03 Nov

Streaming and the Changing Face of Football


Not that many years ago, the thought of being able to watch live sporting events on a small, standalone device that you could also use to make phone calls would have seemed like something straight out of science fiction. It is very much a reality, though, and such is the pace of technological progress that it does not even seem that remarkable anymore. Streaming football is just one example of the way that both technology and the beautiful game have evolved over the past decades, and more often than not that progress has gone hand-in-hand.

The early days of football and television
Over the years, every time there has been a big step forward with football being shown on our screens there have been people predicting it will be the end of the game. Of course, that has never happened, and instead, it has grown stronger and stronger and more popular by the year worldwide.

The first game broadcasted live was not particularly interesting—unless you are an Arsenal fan, I suppose. It was a friendly between Arsenal and their reserve team, a match that was specially arranged for the occasion. Things moved on, albeit slowly, with a live league game being shown in 1960 and the introduction of Match of the Day in 1964 (the iconic programme went colour in 1969). Fast forward to 1983, and ITV showed a live league game on TV for the first time in 23 years. In 1992, Sky bought the rights, the Premier League was born and the domestic game changed forever.

The picture today
Things have moved on massively and quickly from there, and the way clubs have become a part of everyday life has almost happened without us realizing it. Manchester United are one of the top three biggest clubs in the world, if not the largest. As a result, fans can partner and identify with their club in just about every way possible. This can take the form of the branding of practically every item their fans could wish to own to having their own dedicated page on bookies’ websites—even when the same bookmakers are forecasting them to finish mid table. They are no longer just a football team; they are full-blown business—a way of life.

 

Things have moved on apace from tiny TV’s. Photo by vallgall, CC BY 2.0

 

That engagement and interaction with the team goes both ways. Players are all over social media and message directly with their fans all over the world. And that is another way the game has changed. It truly has become global—but not in the way that every country in the world plays the game (most have them have a professional league). Rather, the game has become global in the way that no matter where you travel, be it into the depths of Asia or Africa, there are billboards with the oh-so-familiar players from Barcelona, Real Madrid, and Manchester United shirts selling razors. There are fans of all ages walking around in replica tops and cars festooned with the Manchester United badge. No matter where you live, you can watch a team from anywhere else in the world, right in your living room.

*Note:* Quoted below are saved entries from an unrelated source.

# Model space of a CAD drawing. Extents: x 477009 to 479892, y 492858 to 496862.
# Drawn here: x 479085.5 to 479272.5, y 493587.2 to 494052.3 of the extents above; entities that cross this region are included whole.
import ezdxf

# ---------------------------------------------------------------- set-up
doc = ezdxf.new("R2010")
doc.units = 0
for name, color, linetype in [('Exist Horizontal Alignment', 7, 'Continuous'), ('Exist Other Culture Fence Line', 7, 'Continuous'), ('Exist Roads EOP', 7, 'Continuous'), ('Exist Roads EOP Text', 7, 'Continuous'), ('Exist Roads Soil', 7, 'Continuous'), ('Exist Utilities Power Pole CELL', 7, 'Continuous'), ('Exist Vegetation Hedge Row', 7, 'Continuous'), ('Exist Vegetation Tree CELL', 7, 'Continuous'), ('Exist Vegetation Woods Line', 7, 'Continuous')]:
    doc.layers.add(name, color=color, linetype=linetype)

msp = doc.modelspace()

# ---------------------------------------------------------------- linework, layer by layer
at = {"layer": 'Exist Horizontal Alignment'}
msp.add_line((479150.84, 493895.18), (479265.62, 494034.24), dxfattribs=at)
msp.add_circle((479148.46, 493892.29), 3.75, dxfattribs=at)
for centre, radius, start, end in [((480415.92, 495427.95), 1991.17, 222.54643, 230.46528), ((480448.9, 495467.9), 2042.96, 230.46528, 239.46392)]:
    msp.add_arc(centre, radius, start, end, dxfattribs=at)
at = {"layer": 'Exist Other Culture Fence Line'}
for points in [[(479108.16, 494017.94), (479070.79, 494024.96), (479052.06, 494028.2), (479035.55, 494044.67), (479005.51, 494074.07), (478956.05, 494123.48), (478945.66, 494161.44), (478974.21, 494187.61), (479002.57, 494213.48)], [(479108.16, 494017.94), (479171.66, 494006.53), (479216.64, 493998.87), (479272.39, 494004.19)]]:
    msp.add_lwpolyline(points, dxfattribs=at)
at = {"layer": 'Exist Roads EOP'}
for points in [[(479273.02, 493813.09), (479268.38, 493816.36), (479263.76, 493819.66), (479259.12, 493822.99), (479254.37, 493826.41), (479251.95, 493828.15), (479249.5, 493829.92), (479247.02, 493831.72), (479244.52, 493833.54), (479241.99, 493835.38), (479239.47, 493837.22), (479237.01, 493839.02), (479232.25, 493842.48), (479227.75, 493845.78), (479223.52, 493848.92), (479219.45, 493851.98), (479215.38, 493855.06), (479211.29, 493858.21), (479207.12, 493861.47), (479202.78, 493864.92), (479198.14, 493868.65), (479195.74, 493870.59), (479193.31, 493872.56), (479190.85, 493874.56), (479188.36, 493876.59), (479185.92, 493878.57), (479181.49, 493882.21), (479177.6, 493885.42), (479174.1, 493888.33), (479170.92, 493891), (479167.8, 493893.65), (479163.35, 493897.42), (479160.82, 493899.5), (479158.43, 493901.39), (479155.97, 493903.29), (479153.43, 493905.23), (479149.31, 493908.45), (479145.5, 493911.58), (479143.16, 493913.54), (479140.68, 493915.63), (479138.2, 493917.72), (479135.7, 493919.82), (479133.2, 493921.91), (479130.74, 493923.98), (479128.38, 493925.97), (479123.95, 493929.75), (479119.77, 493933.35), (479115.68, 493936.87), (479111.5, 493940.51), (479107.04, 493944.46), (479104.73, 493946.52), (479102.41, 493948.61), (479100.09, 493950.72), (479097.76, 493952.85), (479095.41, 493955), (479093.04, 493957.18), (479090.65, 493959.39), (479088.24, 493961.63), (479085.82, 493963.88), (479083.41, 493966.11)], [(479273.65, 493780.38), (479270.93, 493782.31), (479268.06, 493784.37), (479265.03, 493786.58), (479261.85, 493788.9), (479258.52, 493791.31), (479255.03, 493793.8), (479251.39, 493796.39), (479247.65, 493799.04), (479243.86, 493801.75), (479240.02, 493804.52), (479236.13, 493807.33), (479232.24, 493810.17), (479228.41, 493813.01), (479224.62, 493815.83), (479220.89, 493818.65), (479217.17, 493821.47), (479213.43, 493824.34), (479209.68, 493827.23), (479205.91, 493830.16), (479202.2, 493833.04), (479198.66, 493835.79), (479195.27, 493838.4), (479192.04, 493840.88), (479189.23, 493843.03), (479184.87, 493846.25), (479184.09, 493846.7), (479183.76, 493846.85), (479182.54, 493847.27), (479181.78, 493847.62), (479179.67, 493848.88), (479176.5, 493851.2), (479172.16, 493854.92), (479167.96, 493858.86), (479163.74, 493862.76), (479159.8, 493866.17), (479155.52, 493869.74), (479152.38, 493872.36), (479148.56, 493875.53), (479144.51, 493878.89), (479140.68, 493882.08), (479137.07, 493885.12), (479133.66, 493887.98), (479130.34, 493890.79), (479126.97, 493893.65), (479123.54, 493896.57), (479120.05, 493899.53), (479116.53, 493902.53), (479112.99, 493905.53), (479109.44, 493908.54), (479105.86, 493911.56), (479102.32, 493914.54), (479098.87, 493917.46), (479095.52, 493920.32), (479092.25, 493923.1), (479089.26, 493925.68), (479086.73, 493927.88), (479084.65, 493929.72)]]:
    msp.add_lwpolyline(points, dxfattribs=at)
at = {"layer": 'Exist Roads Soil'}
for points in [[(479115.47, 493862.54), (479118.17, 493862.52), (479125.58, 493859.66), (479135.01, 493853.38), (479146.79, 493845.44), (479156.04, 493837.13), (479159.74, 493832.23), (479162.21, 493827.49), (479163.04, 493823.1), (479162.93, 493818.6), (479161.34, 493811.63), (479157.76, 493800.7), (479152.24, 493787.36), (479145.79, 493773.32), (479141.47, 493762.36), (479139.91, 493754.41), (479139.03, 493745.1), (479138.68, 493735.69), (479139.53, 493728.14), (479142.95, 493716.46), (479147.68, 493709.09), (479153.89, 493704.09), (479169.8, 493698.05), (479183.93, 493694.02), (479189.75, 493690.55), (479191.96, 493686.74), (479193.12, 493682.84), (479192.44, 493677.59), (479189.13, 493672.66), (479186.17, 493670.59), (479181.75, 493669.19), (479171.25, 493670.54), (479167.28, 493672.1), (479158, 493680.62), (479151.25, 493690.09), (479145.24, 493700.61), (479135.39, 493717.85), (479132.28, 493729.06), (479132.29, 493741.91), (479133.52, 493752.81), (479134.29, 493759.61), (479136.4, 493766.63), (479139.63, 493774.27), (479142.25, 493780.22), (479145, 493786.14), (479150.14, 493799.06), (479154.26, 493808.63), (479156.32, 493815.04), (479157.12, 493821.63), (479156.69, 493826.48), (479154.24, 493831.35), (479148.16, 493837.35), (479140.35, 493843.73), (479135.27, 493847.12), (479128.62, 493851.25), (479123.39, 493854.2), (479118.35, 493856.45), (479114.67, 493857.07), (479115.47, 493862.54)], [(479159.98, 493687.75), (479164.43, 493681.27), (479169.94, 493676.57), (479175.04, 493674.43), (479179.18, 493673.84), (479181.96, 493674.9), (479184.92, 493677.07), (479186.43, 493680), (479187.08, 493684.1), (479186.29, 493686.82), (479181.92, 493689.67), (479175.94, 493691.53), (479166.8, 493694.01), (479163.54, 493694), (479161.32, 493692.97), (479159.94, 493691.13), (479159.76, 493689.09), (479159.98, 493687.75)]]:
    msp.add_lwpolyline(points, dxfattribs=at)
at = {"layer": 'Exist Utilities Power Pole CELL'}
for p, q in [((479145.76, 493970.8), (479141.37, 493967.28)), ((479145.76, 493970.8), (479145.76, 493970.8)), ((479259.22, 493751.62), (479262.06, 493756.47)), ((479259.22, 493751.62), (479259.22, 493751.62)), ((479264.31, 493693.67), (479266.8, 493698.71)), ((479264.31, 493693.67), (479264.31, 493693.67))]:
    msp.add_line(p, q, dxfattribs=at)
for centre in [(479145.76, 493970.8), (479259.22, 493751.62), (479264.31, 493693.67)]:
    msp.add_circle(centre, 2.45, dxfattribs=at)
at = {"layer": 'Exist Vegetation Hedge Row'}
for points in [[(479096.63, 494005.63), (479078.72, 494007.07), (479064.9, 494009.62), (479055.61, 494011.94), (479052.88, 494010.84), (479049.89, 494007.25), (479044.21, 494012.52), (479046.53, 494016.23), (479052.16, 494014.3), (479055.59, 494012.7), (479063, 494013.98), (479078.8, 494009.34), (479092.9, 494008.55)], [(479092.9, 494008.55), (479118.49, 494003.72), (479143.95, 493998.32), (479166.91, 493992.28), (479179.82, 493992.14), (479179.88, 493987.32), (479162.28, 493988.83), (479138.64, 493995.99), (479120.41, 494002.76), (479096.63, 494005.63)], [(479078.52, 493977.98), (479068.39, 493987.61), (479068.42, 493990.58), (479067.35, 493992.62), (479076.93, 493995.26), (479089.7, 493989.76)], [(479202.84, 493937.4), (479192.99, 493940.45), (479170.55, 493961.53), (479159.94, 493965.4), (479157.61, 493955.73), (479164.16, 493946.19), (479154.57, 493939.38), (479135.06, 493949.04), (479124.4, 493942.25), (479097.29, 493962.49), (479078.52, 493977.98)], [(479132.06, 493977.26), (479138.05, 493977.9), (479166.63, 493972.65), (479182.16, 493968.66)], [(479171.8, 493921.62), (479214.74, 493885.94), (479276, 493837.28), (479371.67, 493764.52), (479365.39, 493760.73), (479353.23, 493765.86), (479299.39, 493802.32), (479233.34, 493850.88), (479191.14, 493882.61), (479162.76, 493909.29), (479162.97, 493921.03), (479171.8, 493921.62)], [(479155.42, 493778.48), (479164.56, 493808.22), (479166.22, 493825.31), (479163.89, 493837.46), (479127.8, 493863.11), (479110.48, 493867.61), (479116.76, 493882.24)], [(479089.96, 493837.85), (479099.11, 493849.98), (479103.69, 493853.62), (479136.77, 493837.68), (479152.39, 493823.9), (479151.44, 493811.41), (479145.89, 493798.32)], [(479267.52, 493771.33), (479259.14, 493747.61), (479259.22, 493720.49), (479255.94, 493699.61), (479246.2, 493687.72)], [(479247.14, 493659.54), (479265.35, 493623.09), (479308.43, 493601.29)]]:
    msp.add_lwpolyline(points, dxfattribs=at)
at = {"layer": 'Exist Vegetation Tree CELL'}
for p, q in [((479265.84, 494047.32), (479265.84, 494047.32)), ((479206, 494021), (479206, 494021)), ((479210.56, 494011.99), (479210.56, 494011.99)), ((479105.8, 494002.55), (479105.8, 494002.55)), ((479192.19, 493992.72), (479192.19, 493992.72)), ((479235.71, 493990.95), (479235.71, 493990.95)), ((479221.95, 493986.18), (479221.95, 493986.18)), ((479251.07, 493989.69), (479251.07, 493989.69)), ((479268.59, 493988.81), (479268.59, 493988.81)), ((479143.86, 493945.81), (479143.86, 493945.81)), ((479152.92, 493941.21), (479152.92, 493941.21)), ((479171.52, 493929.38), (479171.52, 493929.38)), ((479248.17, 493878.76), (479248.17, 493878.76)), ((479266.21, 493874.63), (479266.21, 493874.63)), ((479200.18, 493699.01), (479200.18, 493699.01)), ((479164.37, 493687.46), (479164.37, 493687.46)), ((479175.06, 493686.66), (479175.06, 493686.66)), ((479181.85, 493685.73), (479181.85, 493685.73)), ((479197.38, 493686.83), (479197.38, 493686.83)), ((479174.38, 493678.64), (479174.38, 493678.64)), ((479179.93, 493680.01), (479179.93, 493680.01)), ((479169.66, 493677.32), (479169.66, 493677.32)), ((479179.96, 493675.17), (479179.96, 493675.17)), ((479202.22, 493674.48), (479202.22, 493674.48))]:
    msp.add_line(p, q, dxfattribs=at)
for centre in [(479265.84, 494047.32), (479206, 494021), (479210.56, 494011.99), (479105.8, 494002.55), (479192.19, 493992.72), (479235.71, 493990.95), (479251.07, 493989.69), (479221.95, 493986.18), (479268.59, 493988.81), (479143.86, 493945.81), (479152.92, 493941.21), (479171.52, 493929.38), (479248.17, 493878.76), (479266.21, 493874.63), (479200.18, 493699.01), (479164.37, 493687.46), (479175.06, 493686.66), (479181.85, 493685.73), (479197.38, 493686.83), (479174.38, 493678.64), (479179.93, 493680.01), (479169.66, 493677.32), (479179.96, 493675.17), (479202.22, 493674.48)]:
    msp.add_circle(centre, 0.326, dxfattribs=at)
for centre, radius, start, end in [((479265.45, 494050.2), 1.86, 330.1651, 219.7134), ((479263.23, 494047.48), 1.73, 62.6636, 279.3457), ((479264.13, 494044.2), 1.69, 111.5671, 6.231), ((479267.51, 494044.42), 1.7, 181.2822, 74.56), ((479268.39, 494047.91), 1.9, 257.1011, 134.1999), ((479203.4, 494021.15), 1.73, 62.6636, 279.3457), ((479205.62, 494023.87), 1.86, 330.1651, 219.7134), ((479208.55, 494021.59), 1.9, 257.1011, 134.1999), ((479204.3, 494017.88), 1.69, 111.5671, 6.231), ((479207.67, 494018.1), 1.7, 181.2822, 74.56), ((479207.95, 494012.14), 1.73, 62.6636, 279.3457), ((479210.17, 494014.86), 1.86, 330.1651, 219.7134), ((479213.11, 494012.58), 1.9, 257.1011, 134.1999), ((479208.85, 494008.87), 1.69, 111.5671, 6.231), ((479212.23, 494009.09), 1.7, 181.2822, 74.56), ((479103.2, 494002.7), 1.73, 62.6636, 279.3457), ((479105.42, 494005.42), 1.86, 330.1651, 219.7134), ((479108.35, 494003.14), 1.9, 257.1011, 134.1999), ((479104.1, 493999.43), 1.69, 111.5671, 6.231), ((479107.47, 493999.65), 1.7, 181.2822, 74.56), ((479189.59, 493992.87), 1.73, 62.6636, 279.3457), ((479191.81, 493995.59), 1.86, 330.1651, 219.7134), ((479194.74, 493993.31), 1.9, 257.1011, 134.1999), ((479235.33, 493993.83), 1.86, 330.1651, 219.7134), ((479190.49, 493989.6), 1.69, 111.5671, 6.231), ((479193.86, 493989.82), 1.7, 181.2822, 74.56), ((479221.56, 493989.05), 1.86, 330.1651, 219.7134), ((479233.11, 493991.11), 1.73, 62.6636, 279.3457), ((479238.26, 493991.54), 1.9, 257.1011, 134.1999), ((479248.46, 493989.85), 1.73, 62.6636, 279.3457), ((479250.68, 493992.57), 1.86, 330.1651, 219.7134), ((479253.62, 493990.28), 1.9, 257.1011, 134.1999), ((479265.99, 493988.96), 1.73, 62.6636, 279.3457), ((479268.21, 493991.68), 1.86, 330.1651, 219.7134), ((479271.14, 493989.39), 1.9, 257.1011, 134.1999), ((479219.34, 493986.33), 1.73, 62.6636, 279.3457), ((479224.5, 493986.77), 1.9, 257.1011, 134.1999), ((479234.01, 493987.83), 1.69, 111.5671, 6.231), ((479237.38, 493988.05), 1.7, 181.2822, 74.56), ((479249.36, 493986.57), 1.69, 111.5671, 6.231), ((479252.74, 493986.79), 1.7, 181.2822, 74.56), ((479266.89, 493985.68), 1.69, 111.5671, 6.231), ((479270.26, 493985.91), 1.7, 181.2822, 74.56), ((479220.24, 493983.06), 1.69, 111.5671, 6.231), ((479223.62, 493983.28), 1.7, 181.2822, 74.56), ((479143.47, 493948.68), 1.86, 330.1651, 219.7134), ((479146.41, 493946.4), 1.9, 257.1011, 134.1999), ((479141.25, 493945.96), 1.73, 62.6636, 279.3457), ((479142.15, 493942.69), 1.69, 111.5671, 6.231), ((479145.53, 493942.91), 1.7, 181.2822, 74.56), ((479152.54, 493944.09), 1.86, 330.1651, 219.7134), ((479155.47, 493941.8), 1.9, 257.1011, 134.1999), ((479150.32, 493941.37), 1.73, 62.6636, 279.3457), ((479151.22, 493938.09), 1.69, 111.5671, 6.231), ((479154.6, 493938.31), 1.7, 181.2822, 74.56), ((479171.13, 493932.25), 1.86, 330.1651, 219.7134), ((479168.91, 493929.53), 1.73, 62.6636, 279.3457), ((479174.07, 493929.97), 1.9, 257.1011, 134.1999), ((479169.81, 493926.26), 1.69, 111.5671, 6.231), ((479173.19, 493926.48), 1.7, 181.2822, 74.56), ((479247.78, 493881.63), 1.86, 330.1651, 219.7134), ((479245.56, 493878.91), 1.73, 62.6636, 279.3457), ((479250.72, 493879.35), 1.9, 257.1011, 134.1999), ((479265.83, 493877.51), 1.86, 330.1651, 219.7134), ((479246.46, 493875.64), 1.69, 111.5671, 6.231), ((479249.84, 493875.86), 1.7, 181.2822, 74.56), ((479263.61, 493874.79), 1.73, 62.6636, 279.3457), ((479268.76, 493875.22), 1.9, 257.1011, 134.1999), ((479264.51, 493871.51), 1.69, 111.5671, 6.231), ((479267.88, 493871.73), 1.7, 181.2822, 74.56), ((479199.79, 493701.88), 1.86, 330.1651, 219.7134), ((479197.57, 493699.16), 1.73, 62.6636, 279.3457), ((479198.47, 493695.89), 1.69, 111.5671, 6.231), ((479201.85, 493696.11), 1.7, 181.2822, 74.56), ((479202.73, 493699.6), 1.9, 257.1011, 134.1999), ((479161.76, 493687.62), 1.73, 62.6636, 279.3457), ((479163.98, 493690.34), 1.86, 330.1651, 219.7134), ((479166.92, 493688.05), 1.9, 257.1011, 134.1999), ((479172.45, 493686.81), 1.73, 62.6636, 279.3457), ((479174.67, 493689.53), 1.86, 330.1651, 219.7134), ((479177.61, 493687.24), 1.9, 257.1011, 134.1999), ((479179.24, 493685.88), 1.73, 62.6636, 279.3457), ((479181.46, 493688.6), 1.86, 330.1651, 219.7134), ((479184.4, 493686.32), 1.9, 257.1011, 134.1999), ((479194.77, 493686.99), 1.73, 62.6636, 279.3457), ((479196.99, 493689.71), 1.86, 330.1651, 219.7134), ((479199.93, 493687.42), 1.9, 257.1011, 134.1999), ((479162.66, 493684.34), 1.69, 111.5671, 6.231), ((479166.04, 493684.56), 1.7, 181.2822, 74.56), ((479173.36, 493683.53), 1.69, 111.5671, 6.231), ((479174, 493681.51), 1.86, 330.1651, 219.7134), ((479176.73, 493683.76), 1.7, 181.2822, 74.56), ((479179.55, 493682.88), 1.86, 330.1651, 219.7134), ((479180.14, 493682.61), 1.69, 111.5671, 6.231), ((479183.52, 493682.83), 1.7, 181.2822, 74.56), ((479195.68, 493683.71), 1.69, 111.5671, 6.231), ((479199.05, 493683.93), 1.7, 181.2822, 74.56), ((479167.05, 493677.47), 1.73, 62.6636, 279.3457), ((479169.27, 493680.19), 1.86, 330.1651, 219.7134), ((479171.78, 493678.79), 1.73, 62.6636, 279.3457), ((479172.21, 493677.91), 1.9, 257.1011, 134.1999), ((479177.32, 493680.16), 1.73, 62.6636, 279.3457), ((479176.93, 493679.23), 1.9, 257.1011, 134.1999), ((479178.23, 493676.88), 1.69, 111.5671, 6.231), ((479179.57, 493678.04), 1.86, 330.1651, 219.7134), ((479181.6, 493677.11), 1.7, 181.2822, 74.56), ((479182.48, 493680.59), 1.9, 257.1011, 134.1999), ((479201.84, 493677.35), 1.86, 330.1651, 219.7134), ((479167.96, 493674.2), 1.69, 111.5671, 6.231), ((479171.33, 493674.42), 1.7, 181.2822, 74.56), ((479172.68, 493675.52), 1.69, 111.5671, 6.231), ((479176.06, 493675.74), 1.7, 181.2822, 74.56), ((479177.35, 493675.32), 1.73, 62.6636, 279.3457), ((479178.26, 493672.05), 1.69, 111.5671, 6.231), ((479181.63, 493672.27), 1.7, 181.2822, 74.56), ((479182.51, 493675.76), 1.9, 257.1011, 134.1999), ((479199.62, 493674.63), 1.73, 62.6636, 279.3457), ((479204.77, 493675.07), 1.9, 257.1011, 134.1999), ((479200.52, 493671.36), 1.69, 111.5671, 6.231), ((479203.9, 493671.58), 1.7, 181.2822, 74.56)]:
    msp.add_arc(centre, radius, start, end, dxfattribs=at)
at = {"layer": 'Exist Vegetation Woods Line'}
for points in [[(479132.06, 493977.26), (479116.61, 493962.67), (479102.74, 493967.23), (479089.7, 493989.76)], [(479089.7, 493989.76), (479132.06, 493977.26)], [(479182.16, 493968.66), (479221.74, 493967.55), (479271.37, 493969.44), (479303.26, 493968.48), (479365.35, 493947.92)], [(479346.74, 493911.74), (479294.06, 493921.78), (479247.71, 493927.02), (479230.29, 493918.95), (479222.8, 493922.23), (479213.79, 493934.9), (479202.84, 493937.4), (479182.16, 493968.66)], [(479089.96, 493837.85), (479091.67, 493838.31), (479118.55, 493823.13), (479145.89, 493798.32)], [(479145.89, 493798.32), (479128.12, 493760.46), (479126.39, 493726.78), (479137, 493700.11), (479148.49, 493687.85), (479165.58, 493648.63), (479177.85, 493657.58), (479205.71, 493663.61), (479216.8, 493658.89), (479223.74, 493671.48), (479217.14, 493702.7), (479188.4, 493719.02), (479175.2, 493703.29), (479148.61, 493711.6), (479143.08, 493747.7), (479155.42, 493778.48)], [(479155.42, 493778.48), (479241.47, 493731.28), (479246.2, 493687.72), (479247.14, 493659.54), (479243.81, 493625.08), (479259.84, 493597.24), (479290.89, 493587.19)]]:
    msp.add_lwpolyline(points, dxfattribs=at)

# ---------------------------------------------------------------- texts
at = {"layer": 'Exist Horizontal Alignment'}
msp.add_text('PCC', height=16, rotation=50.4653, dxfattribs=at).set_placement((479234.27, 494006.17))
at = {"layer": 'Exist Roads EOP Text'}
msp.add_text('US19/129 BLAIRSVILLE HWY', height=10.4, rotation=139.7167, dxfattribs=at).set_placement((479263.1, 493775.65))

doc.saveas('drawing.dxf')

Teams take advantage of that and fuel it more, courtesy of their summer tours to the Middle East, the USA and Asia. One of the counterarguments for a break in the EPL—something that is actually going to come in February—was that, as opposed to allowing time for the players to rest, clubs would use the opportunity to jet across the world in order to drum up yet more support.

Technology and football
Streaming has no doubt opened up a whole new era of football for fans, but that is not the only product of the marriage between football and technology. In-play betting is a huge business and allows punters to bet on anything during the actual game, from the next corner to the number of yellow cards. It is another example of the fan no longer being completely outside the game, but instead able to be more immersed within it. Goal-line technology has been successfully adopted throughout the major leagues in the sport, and it would not be an article about technology in football if we did not at least mention VAR… But that is a debate for another day.